I nod, and Evander adds, “We need to think about it.”
“But she wants— wanted —us to find the relics,” Hector argues, almost to the room itself as if Ursula’s ghost is listening. “She wouldn’t have given us clues we couldn’t decipher.”
“They’re Shadrack’s clues, not Ursula’s,” Winter reminds him.
“She was High Sorcerer. She gave us a hunt worth completing. That’s it.” Luna begins to slowly rise from her seat, and Infinity immediately offers an arm. “If you don’t know now, let’s not start scrabbling for straws. It’s an hour past my bedtime and if my experience is going to be of use to any of ya, I need to rest. Infinity, help your grandmama to our room.”
I check the clock. It’s half past ten now. Very late for Luna and her century-old bones.
“Yes, you rest up, Luna,” Hector agrees, rising as well. The patriarch reaches into the interior lining of his coat, slips out a cell phone, and snaps a quick picture of the clue. Satisfied with his photograph after rotating it, he packs the phone away and tips his head. “The Cerises will begin our search immediately and report back in the morning.”
Evander moves to round the desk toward them and repeats the same concern he flung at the Blackgates. “Wait—please stick to the house. As I just explained, the grounds aren’t safe at night.”
“Oh, if they want to break their ankles, let them, Evander. They’ll learn or they won’t,” Luna says with a dismissive wave before disappearing into the hall, Infinity at her side.
“We have no intention of that,” Sanguine says, “we’ll just be putting our heads together.”
With that, the Cerises file out.
Winter pivots to Lavinia and Kaysa. “I know you didn’t intend to stay—Marsyas never does—but we did set aside a suite in the event that she wanted to spend the night.
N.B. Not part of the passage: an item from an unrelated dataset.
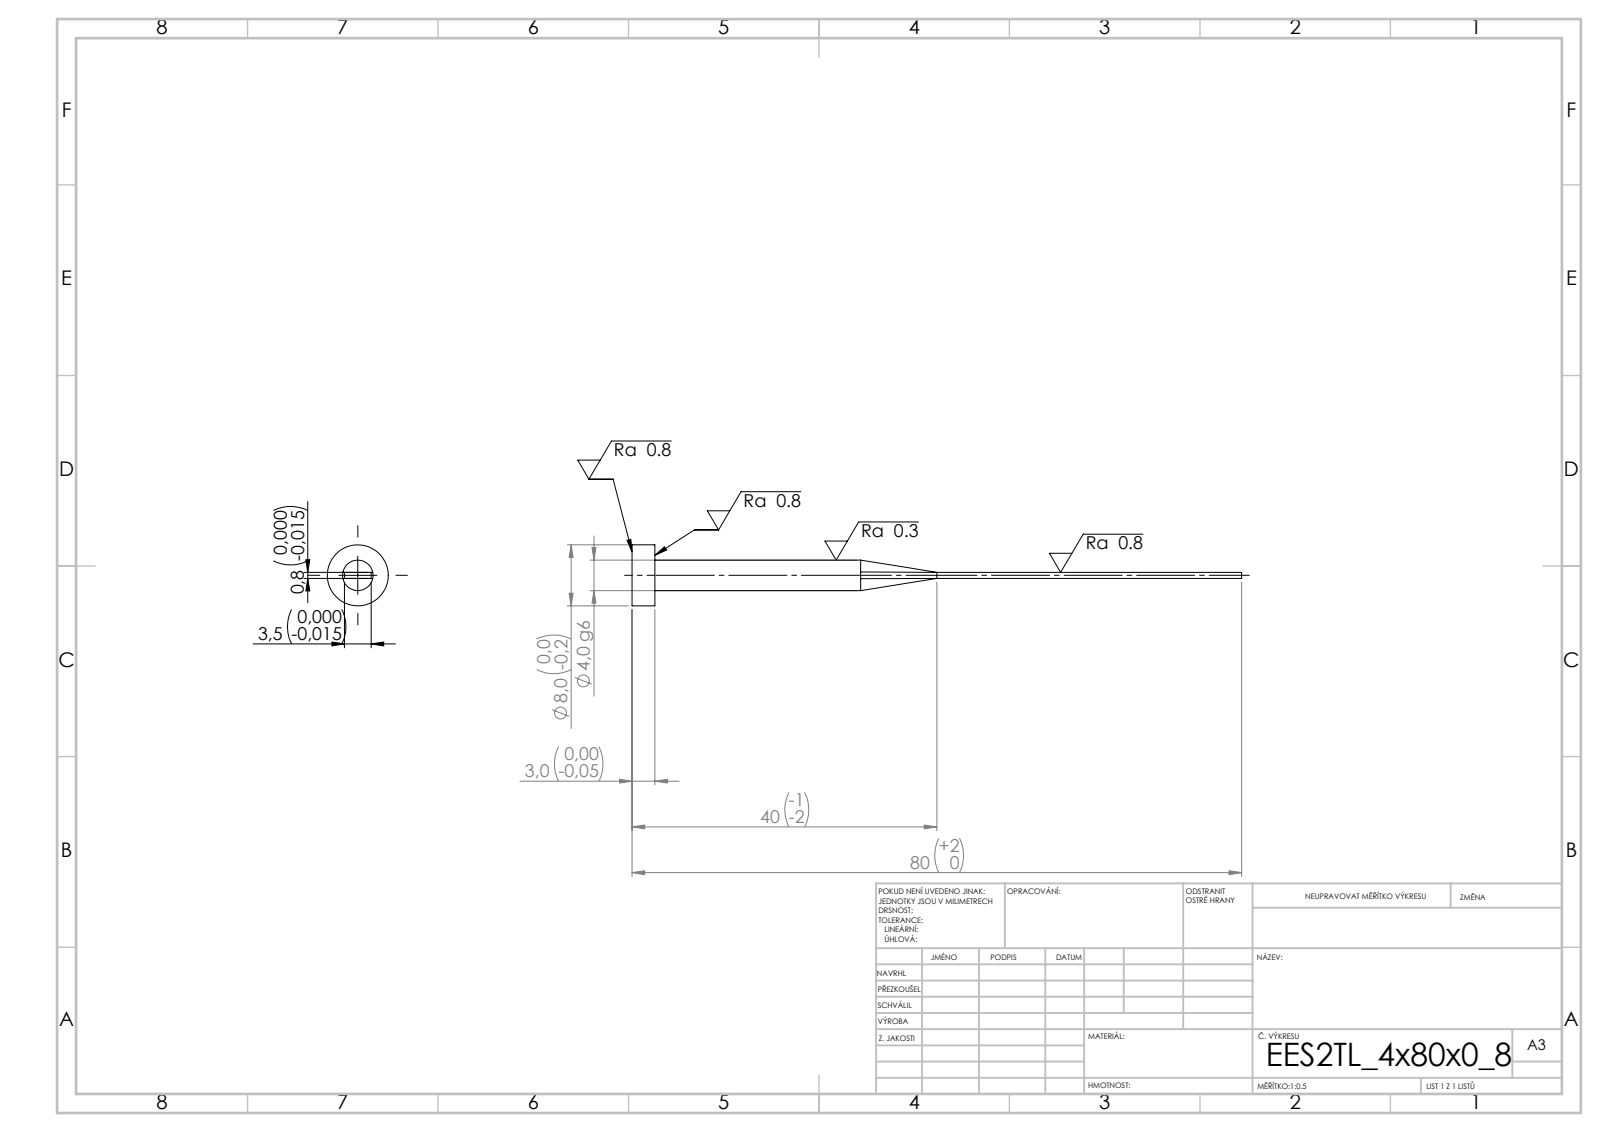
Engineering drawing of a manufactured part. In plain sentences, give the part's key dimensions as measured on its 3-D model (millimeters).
Its 3-D file was written by "SolidWorks 2019 (CONFIG_CONTROL_DESIGN)". It is 1 solid with 15 faces: 7 planar, 4 cylindrical and 4 other. Overall it measures 80 by 8 by 8 millimeters. Its volume is 675 cubic millimeters and its surface area 951 square millimeters. Round bosses or shafts: 1 of diameter 8, 1 of diameter 4. The main face-to-face distances are 0.8, 3, 3.5, 80, 77.
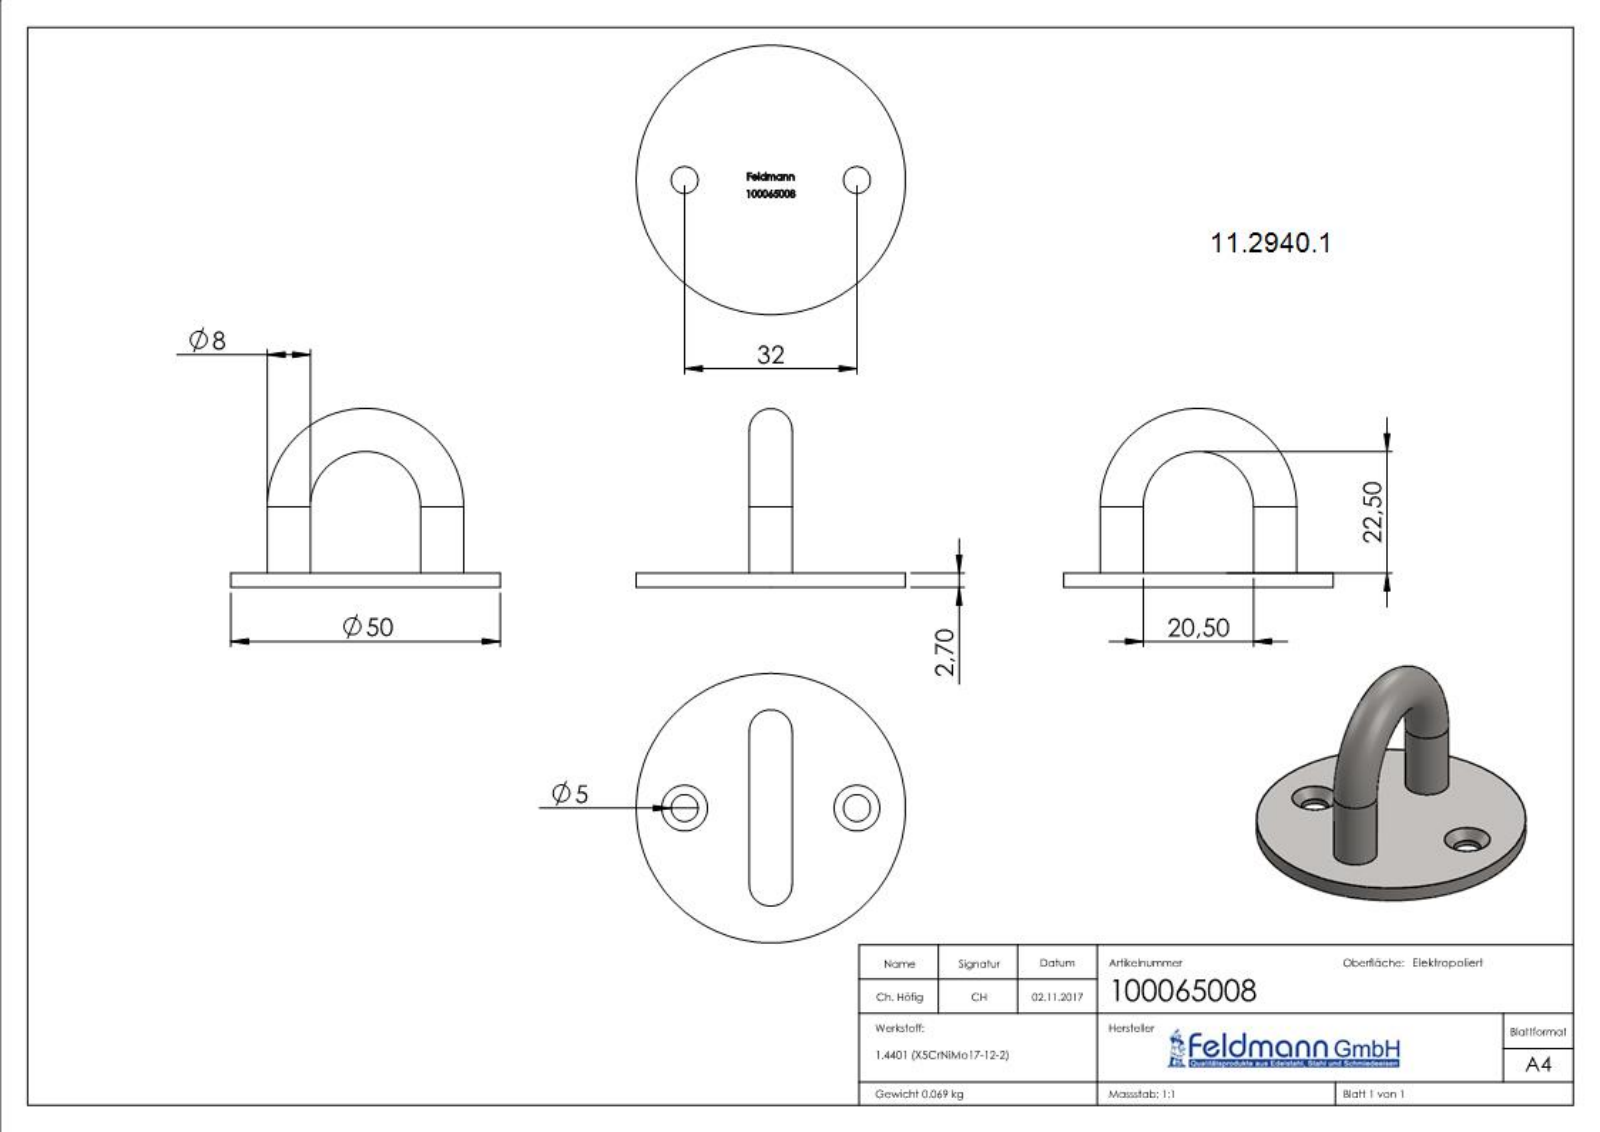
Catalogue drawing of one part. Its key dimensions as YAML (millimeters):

I’ll lead you there.”
The girls nod, unable to hide their weary surprise. As Winter collects them, she throws a glance over her shoulder, back at us. Her smudged face is as placid as a glass-clear lake, the broken girl she was just minutes ago stuffed down deep where no one will ever excavate her. Her bright blue eyes glow fierce and so much like Ursula’s in that moment that my heart stumbles.
Then, just like our grandmother did so many times in this very room, she gives an order we’re expected to obey. “Neither of you move an inch. We need to talk.”